What are the lines, word for word, from the line with "#101164 = AXIS2_PLACEMENT_3D" up to and including the line with "FILE_DESCRIPTION(('Open CASCADE Model'),'2;1');" in the records below? Omit the pictures.

-- Data records follows --

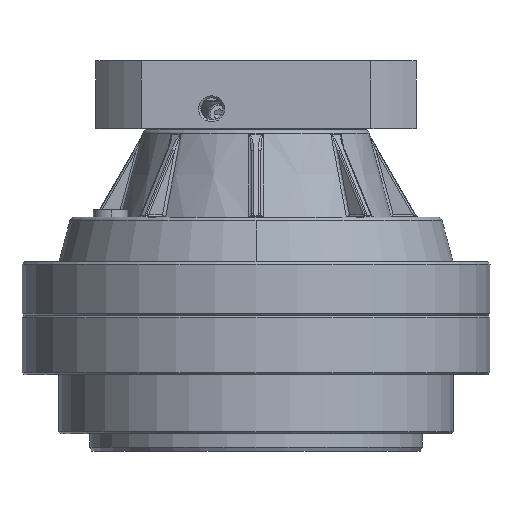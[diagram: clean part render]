
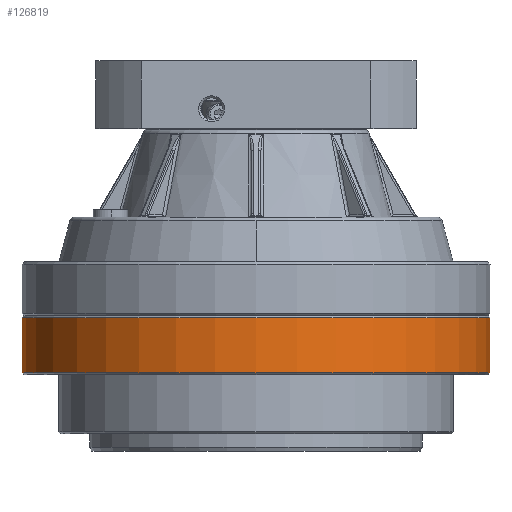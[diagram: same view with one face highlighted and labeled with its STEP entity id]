
A CAD part, front view. The second image highlights one B-rep face of the part: STEP entity #126819.
In plain terms, the highlighted cylindrical face has radius 95 mm (diameter 190 mm), a partial arc.
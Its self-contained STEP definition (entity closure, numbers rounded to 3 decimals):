
#909 = EDGE_CURVE ( 'NONE', #113837, #114252, #97228, .T. ) ;
#13287 = DIRECTION ( 'NONE',  ( -1., 0., 0. ) ) ;
#15095 = DIRECTION ( 'NONE',  ( 0., 0., 1. ) ) ;
#18207 = CARTESIAN_POINT ( 'NONE',  ( 95., 0., 0.8 ) ) ;
#23743 = CARTESIAN_POINT ( 'NONE',  ( 0., 0., 0.8 ) ) ;
#26481 = EDGE_CURVE ( 'NONE', #114252, #89774, #90705, .T. ) ;
#26620 = CARTESIAN_POINT ( 'NONE',  ( 0., 0., 0. ) ) ;
#27731 = CARTESIAN_POINT ( 'NONE',  ( 95., 0., 23.2 ) ) ;
#32413 = EDGE_CURVE ( 'NONE', #113837, #109011, #121961, .T. ) ;
#37963 = CARTESIAN_POINT ( 'NONE',  ( 95., 0., 0. ) ) ;
#40106 = VECTOR ( 'NONE', #110898, 1000. ) ;
#42488 = ORIENTED_EDGE ( 'NONE', *, *, #106628, .F. ) ;
#42752 = ORIENTED_EDGE ( 'NONE', *, *, #26481, .F. ) ;
#46760 = ORIENTED_EDGE ( 'NONE', *, *, #32413, .T. ) ;
#48799 = DIRECTION ( 'NONE',  ( -1., 0., 0. ) ) ;
#49300 = AXIS2_PLACEMENT_3D ( 'NONE', #59055, #68712, #59734 ) ;
#55182 = AXIS2_PLACEMENT_3D ( 'NONE', #23743, #66097, #13287 ) ;
#59055 = CARTESIAN_POINT ( 'NONE',  ( 0., 0., 23.2 ) ) ;
#59734 = DIRECTION ( 'NONE',  ( -1., 0., 0. ) ) ;
#65314 = CARTESIAN_POINT ( 'NONE',  ( -95., 0., 23.2 ) ) ;
#66097 = DIRECTION ( 'NONE',  ( 0., 0., -1. ) ) ;
#68480 = CARTESIAN_POINT ( 'NONE',  ( -95., 0., 0. ) ) ;
#68712 = DIRECTION ( 'NONE',  ( 0., 0., 1. ) ) ;
#68961 = DIRECTION ( 'NONE',  ( 0., 0., 1. ) ) ;
#73249 = EDGE_LOOP ( 'NONE', ( #42752, #130455, #46760, #42488 ) ) ;
#79349 = FACE_OUTER_BOUND ( 'NONE', #73249, .T. ) ;
#89774 = VERTEX_POINT ( 'NONE', #27731 ) ;
#90705 = LINE ( 'NONE', #37963, #102856 ) ;
#97228 = CIRCLE ( 'NONE', #55182, 95. ) ;
#101164 = AXIS2_PLACEMENT_3D ( 'NONE', #26620, #68961, #48799 ) ;
#102856 = VECTOR ( 'NONE', #15095, 1000. ) ;
#106628 = EDGE_CURVE ( 'NONE', #89774, #109011, #118114, .T. ) ;
#109011 = VERTEX_POINT ( 'NONE', #65314 ) ;
#110898 = DIRECTION ( 'NONE',  ( 0., 0., 1. ) ) ;
#113837 = VERTEX_POINT ( 'NONE', #117075 ) ;
#114252 = VERTEX_POINT ( 'NONE', #18207 ) ;
#117075 = CARTESIAN_POINT ( 'NONE',  ( -95., 0., 0.8 ) ) ;
#118114 = CIRCLE ( 'NONE', #49300, 95. ) ;
#121753 = CYLINDRICAL_SURFACE ( 'NONE', #101164, 95. ) ;
#121961 = LINE ( 'NONE', #68480, #40106 ) ;
#126819 = ADVANCED_FACE ( 'NONE', ( #79349 ), #121753, .T. ) ;
#130455 = ORIENTED_EDGE ( 'NONE', *, *, #909, .F. ) ;
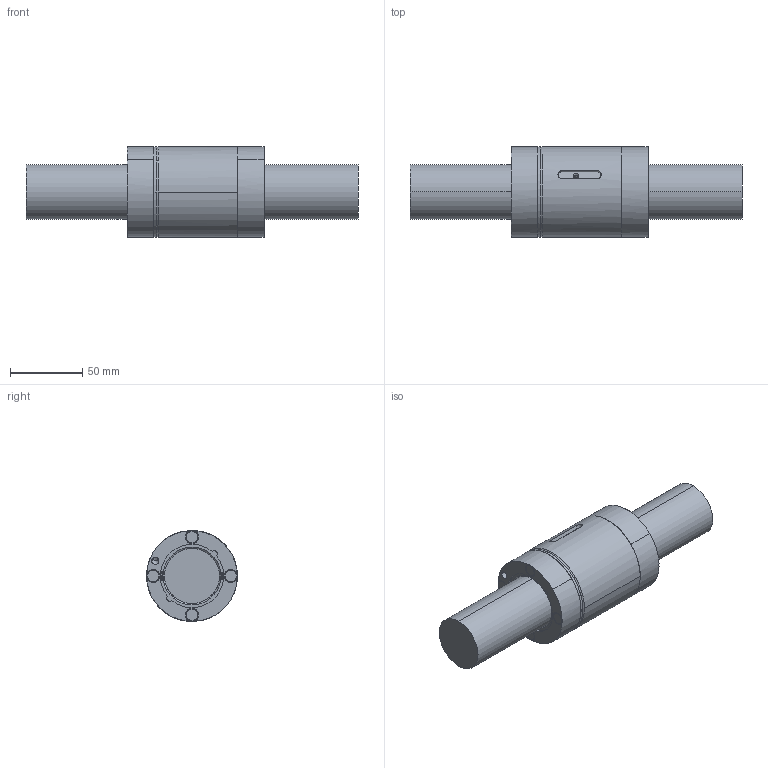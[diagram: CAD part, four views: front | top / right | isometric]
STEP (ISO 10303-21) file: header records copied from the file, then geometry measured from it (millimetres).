
FILE_DESCRIPTION(('Creo Elements/Direct Modeling STEP Export'),'2;1');
FILE_NAME('HSB-KGT-M-4040RH-4g.stp','2026-07-03T12:05:25',(''),(''),'Creo Elements/Direct Modeling STEP processor for AP214 (Solid Model)','Creo Elements/Direct Modeling 20.1D 10-Oct-2020 (C) Parametric Technology GmbH','');
FILE_SCHEMA(('AUTOMOTIVE_DESIGN { 1 0 10303 214 1 1 1 1 }'));
Length unit declared in the file: millimetre
Products named in the file (3): KGS-4040RH-4g_28848; HSB-KGM-M-4040RH-4g_29850; HSB-KGT-M-4040RH-4g
Assembly tree (2 placements, depth 2):
  HSB-KGT-M-4040RH-4g
    HSB-KGM-M-4040RH-4g_29850
    KGS-4040RH-4g_28848
Bounding box: 230 x 63 x 62.9 mm (x, y, z)
Volume: 446228 mm3; surface area: 64587 mm2
Topology: 2 solids, 2 shells, 967 faces, 2773 edges, 1843 vertices
Faces by surface type: plane 895, cylinder 44, cone 26, torus 2
Entity records: 31588 total; most frequent: CARTESIAN_POINT 6337, ORIENTED_EDGE 5538, DIRECTION 4668, EDGE_CURVE 2769, VECTOR 2614, LINE 2614, VERTEX_POINT 1843, AXIS2_PLACEMENT_3D 1027
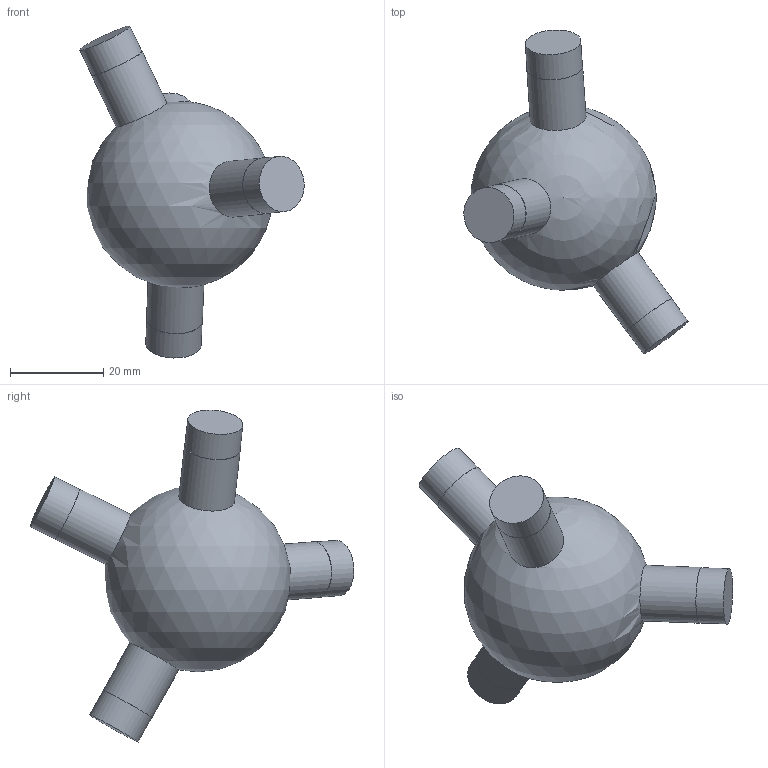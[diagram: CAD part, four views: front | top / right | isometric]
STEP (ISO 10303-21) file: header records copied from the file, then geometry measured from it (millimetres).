
FILE_DESCRIPTION(('Open CASCADE Model'),'2;1');
FILE_NAME('Open CASCADE Shape Model','2026-10-21T12:47:57',('Author'),( 'Open CASCADE'),'Open CASCADE STEP processor 7.9','Open CASCADE 7.9' ,'Unknown');
FILE_SCHEMA(('AUTOMOTIVE_DESIGN { 1 0 10303 214 1 1 1 1 }'));
Length unit declared in the file: millimetre
Products named in the file (1): Open CASCADE STEP translator 7.9 25
Bounding box: 48.11 x 69.48 x 71.22 mm (x, y, z)
Volume: 41438.3 mm3; surface area: 7736 mm2
Topology: 1 solids, 1 shells, 17 faces, 27 edges, 18 vertices
Faces by surface type: cylinder 8, plane 8, sphere 1
Full cylindrical faces by diameter (mm): 11.9 x4, 12 x4
Entity records: 997 total; most frequent: CARTESIAN_POINT 412, DIRECTION 120, ORIENTED_EDGE 48, PCURVE 48, DEFINITIONAL_REPRESENTATION 48, LINE 40, VECTOR 40, AXIS2_PLACEMENT_3D 34

-- Data records concluded --

▸ Exercise answer:
#101164 = AXIS2_PLACEMENT_3D ( 'NONE', #26620, #68961, #48799 ) ;
#102856 = VECTOR ( 'NONE', #15095, 1000. ) ;
#106628 = EDGE_CURVE ( 'NONE', #89774, #109011, #118114, .T. ) ;
#109011 = VERTEX_POINT ( 'NONE', #65314 ) ;
#110898 = DIRECTION ( 'NONE',  ( 0., 0., 1. ) ) ;
#113837 = VERTEX_POINT ( 'NONE', #117075 ) ;
#114252 = VERTEX_POINT ( 'NONE', #18207 ) ;
#117075 = CARTESIAN_POINT ( 'NONE',  ( -95., 0., 0.8 ) ) ;
#118114 = CIRCLE ( 'NONE', #49300, 95. ) ;
#121753 = CYLINDRICAL_SURFACE ( 'NONE', #101164, 95. ) ;
#121961 = LINE ( 'NONE', #68480, #40106 ) ;
#126819 = ADVANCED_FACE ( 'NONE', ( #79349 ), #121753, .T. ) ;
#130455 = ORIENTED_EDGE ( 'NONE', *, *, #909, .F. ) ;
[diagram: CAD part, four views: front | top / right | isometric]
STEP (ISO 10303-21) file: header records copied from the file, then geometry measured from it (millimetres).
FILE_DESCRIPTION(('Creo Elements/Direct Modeling STEP Export'),'2;1');
FILE_NAME('HSB-KGT-M-4040RH-4g.stp','2026-07-03T12:05:25',(''),(''),'Creo Elements/Direct Modeling STEP processor for AP214 (Solid Model)','Creo Elements/Direct Modeling 20.1D 10-Oct-2020 (C) Parametric Technology GmbH','');
FILE_SCHEMA(('AUTOMOTIVE_DESIGN { 1 0 10303 214 1 1 1 1 }'));
Length unit declared in the file: millimetre
Products named in the file (3): KGS-4040RH-4g_28848; HSB-KGM-M-4040RH-4g_29850; HSB-KGT-M-4040RH-4g
Assembly tree (2 placements, depth 2):
  HSB-KGT-M-4040RH-4g
    HSB-KGM-M-4040RH-4g_29850
    KGS-4040RH-4g_28848
Bounding box: 230 x 63 x 62.9 mm (x, y, z)
Volume: 446228 mm3; surface area: 64587 mm2
Topology: 2 solids, 2 shells, 967 faces, 2773 edges, 1843 vertices
Faces by surface type: plane 895, cylinder 44, cone 26, torus 2
Entity records: 31588 total; most frequent: CARTESIAN_POINT 6337, ORIENTED_EDGE 5538, DIRECTION 4668, EDGE_CURVE 2769, VECTOR 2614, LINE 2614, VERTEX_POINT 1843, AXIS2_PLACEMENT_3D 1027
[diagram: CAD part, four views: front | top / right | isometric]
STEP (ISO 10303-21) file: header records copied from the file, then geometry measured from it (millimetres).
FILE_DESCRIPTION(('Open CASCADE Model'),'2;1');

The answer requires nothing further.